Heatmap showing the Pearson’s correlation coefficients between metabolites, metals/elements and proteins measured in the cognitively normal (CN) and Alzheimer’s disease (AD) groups. Abbreviations are: γ-aminobutyrate (GABA), N-acetylaspartate (NAA), polyunsaturated fatty acids (PUFA), ferritin-light chain (FTL), ferritin-heavy chain (FTH), transferrin-receptor (TfR), divalent metal transporter 1 (DMT1), Iron Responsive Element Binding Protein 2 (IREB2), ceruloplasmin (Cp), ferroportin (Fpn), heme-oxygenase-1 (HO-1), melanotransferrin (MTf), lactoferrin (LTf), Nuclear factor erythroid 2-related factor 2 (Nrf2), Acyl-CoA Synthetase Long Chain Family Member 4 (ACSL4), the light-subunit of the cystine/glutamate antiporter (xCT), glutathione peroxidase 4 (GPX4) and 4-hydroxynonenal (4-HNE). Note, unsaturation (CC) refers to quantification of –CH2-CHCH-CH2- of fatty acid chains.

Fig. 10

Significant and trend Pearson correlations of γ-aminobutyrate (GABA) with metals/elements and metabolites in cognitively normal and Alzheimer’s disease.

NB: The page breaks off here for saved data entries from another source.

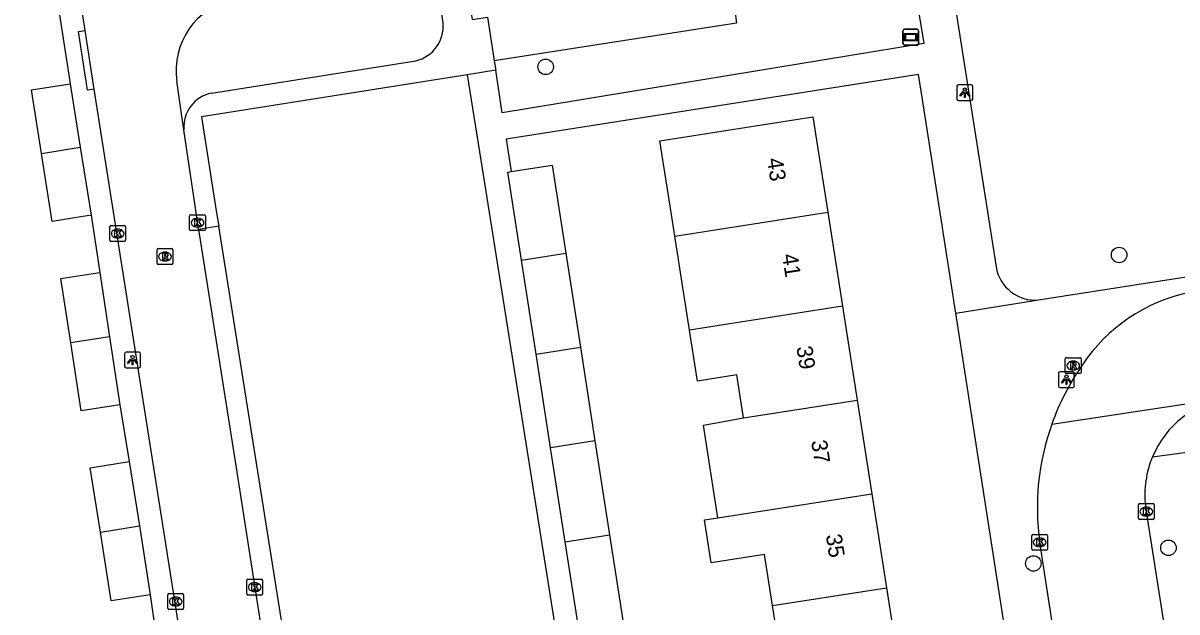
# Model space of a CAD drawing. Extents: x 160077 to 160945, y 386481 to 387498.
# Drawn here: x 160547.5 to 160620.3, y 387416.6 to 387453.8 of the extents above; entities that cross this region are included whole.
import ezdxf

# ---------------------------------------------------------------- set-up
doc = ezdxf.new("R2010")
doc.units = 0
for name, color, linetype in [('IMGEO_Boom', 7, 'Continuous'), ('IMGEO_Groenvoorziening', 7, 'Continuous'), ('IMGEO_Kolk', 7, 'Continuous'), ('IMGEO_Lichtpunt', 7, 'Continuous'), ('IMGEO_Pand', 7, 'Continuous'), ('IMGEO_Pand_nummerreeks', 7, 'Continuous'), ('IMGEO_Rijbaan_lokaal_open', 7, 'Continuous'), ('IMGEO_Rioolput', 7, 'Continuous'), ('IMGEO_Verklikker', 7, 'Continuous'), ('IMGEO_Voetpad_open', 7, 'Continuous')]:
    doc.layers.add(name, color=color, linetype=linetype)

msp = doc.modelspace()

# ---------------------------------------------------------------- linework, layer by layer
at = {"layer": 'IMGEO_Boom'}
for centre in [(160580.467, 387451.067), (160616.653, 387439.186), (160619.768, 387420.692), (160611.243, 387419.704)]:
    msp.add_circle(centre, 0.489, dxfattribs=at)
at = {"layer": 'IMGEO_Groenvoorziening'}
msp.add_lwpolyline([(160525.051, 387462.081), (160541.077, 387464.558), (160541.983, 387470.387), (160543.017, 387477.036), (160575.946, 387480.154), (160584.088, 387468.697), (160592.027, 387457.524), (160592.503, 387453.837), (160577.226, 387451.446)], dxfattribs=at)
at = {"layer": 'IMGEO_Kolk'}
for p, q in [((160557.998, 387440.804), (160557.998, 387441.656)), ((160558.073, 387441.73), (160558.925, 387441.73)), ((160558.999, 387441.656), (160558.999, 387440.804)), ((160552.962, 387440.113), (160552.962, 387440.965)), ((160553.037, 387441.039), (160553.889, 387441.039)), ((160553.963, 387440.965), (160553.963, 387440.113)), ((160558.509, 387440.95), (160558.484, 387440.95)), ((160558.486, 387441.51), (160558.511, 387441.51)), ((160553.473, 387440.259), (160553.448, 387440.259)), ((160553.45, 387440.819), (160553.475, 387440.819)), ((160558.925, 387440.73), (160558.073, 387440.73)), ((160553.889, 387440.039), (160553.037, 387440.039)), ((160617.871, 387422.556), (160617.871, 387423.408)), ((160617.946, 387423.482), (160618.798, 387423.482)), ((160618.872, 387423.408), (160618.872, 387422.556)), ((160618.382, 387422.702), (160618.357, 387422.702)), ((160618.359, 387423.262), (160618.384, 387423.262)), ((160618.798, 387422.482), (160617.946, 387422.482)), ((160611.139, 387420.614), (160611.139, 387421.466)), ((160611.214, 387421.54), (160612.066, 387421.54)), ((160611.627, 387421.32), (160611.652, 387421.32)), ((160612.14, 387421.466), (160612.14, 387420.614)), ((160612.066, 387420.54), (160611.214, 387420.54)), ((160611.65, 387420.76), (160611.625, 387420.76)), ((160561.606, 387417.779), (160561.606, 387418.631)), ((160561.681, 387418.705), (160562.533, 387418.705)), ((160562.094, 387418.485), (160562.119, 387418.485)), ((160562.607, 387418.631), (160562.607, 387417.779)), ((160556.621, 387416.871), (160556.621, 387417.723)), ((160556.696, 387417.797), (160557.548, 387417.797)), ((160557.109, 387417.577), (160557.134, 387417.577)), ((160557.622, 387417.723), (160557.622, 387416.871)), ((160562.533, 387417.705), (160561.681, 387417.705)), ((160562.117, 387417.925), (160562.092, 387417.925)), ((160557.132, 387417.017), (160557.107, 387417.017)), ((160557.548, 387416.797), (160556.696, 387416.797))]:
    msp.add_line(p, q, dxfattribs=at)
for points in [[(160557.998, 387440.804), (160557.998, 387441.656)], [(160558.073, 387441.73), (160558.925, 387441.73)], [(160558.999, 387441.656), (160558.999, 387440.804)], [(160552.962, 387440.113), (160552.962, 387440.965)], [(160553.037, 387441.039), (160553.889, 387441.039)], [(160553.963, 387440.965), (160553.963, 387440.113)], [(160558.319, 387441.43), (160558.442, 387441.43), (160558.442, 387441.279), (160558.572, 387441.43), (160558.736, 387441.43), (160558.59, 387441.279), (160558.743, 387441.03), (160558.591, 387441.03), (160558.506, 387441.194), (160558.442, 387441.127), (160558.442, 387441.03), (160558.319, 387441.03), (160558.319, 387441.43)], [(160553.283, 387440.739), (160553.406, 387440.739), (160553.406, 387440.588), (160553.536, 387440.739), (160553.7, 387440.739), (160553.554, 387440.588), (160553.707, 387440.339), (160553.555, 387440.339), (160553.47, 387440.503), (160553.406, 387440.436), (160553.406, 387440.339), (160553.283, 387440.339), (160553.283, 387440.739)], [(160558.925, 387440.73), (160558.073, 387440.73)], [(160553.889, 387440.039), (160553.037, 387440.039)], [(160617.871, 387422.556), (160617.871, 387423.408)], [(160617.946, 387423.482), (160618.798, 387423.482)], [(160618.872, 387423.408), (160618.872, 387422.556)], [(160618.192, 387423.182), (160618.315, 387423.182), (160618.315, 387423.031), (160618.445, 387423.182), (160618.609, 387423.182), (160618.463, 387423.031), (160618.616, 387422.782), (160618.464, 387422.782), (160618.379, 387422.946), (160618.315, 387422.879), (160618.315, 387422.782), (160618.192, 387422.782), (160618.192, 387423.182)], [(160618.798, 387422.482), (160617.946, 387422.482)], [(160611.139, 387420.614), (160611.139, 387421.466)], [(160611.214, 387421.54), (160612.066, 387421.54)], [(160611.46, 387421.24), (160611.583, 387421.24), (160611.583, 387421.089), (160611.713, 387421.24), (160611.877, 387421.24), (160611.731, 387421.089), (160611.884, 387420.84), (160611.732, 387420.84), (160611.647, 387421.004), (160611.583, 387420.937), (160611.583, 387420.84), (160611.46, 387420.84), (160611.46, 387421.24)], [(160612.14, 387421.466), (160612.14, 387420.614)], [(160612.066, 387420.54), (160611.214, 387420.54)], [(160561.606, 387417.779), (160561.606, 387418.631)], [(160561.681, 387418.705), (160562.533, 387418.705)], [(160561.927, 387418.405), (160562.05, 387418.405), (160562.05, 387418.254), (160562.18, 387418.405), (160562.344, 387418.405), (160562.198, 387418.254), (160562.351, 387418.005), (160562.199, 387418.005), (160562.114, 387418.169), (160562.05, 387418.102), (160562.05, 387418.005), (160561.927, 387418.005), (160561.927, 387418.405)], [(160562.607, 387418.631), (160562.607, 387417.779)], [(160556.621, 387416.871), (160556.621, 387417.723)], [(160556.696, 387417.797), (160557.548, 387417.797)], [(160557.622, 387417.723), (160557.622, 387416.871)], [(160562.533, 387417.705), (160561.681, 387417.705)], [(160556.942, 387417.497), (160557.065, 387417.497), (160557.065, 387417.346), (160557.195, 387417.497), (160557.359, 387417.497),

Significance is set at p≤0.05, with *, ** and *** being p<0.05, <0.01 and < 0.005, respectively. Abbreviation: N-acetylaspartate (NAA).

Fig. 11

Significant and trend Pearson correlations of iron with proteins, elements/metals and metabolites in cognitively normal and Alzheimer’s disease. Significance is set at p ≤ 0.05, with * and ** being p<0.05, <0.01, respectively. Abbreviations: ferritin-heavy chain (FTH), transferrin-receptor (TfR), ceruloplasmin (Cp) and heme-oxygenase-1 (HO-1).

Fig. 12

Overview of ferroptotic-associated changes in Alzheimer’s disease. Iron dyshomeostasis is observed in the form of increased ferritin levels and decreased export of iron. The consequent increases in labile iron pool enables redox-active (ferrous) iron to precipitate oxidative stress via Fenton reaction. The upregulated expression of the light-subunit (xCT) of the cystine/glutamate transporter (X_c^-) may contribute to excitotoxicity via NR2B-containing N-methyl-d-aspartate receptors (NMDARs), evidenced by augmented excitatory glutamate to inhibitory γ-aminobutyrate (GABA) ratio, alongside zinc-deficiency and attenuated glutamine levels, culminating in lipid peroxidation and iron-dependent cell death, ferroptosis. Abbreviations are: ferritin-light chain (FTL), ferritin-heavy chain (FTH), transferrin-receptor (TfR), divalent metal transporter 1 (DMT1), Iron Responsive Element Binding Protein 2 (IREB2), ceruloplasmin (Cp), ferroportin (Fpn), heme-oxygenase-1 (HO-1), melanotransferrin (MTf), lactoferrin (LTf), Nuclear factor erythroid 2-related factor 2 (Nrf2), Acyl-CoA Synthetase Long Chain Family Member 4 (ACSL4), glutathione peroxidase 4 (GPX4), 4-hydroxynonenal (4-HNE), polyunsaturated fatty acids (PUFA), excitatory amino acid transporter (EAAT), and lipid peroxides and alcohols (Lipid-OOH and Lipid-OH, respectively).

Fig. 13

Overview of selected metabolic pathways involving glutamate, glutamine and γ-aminobutyrate (GABA). Abbreviations: N-acetylaspartate (NAA), S-adenosyl-methionine (SAM), S-adenosylhomocysteine (SAH), inorganic phosphate (Pi).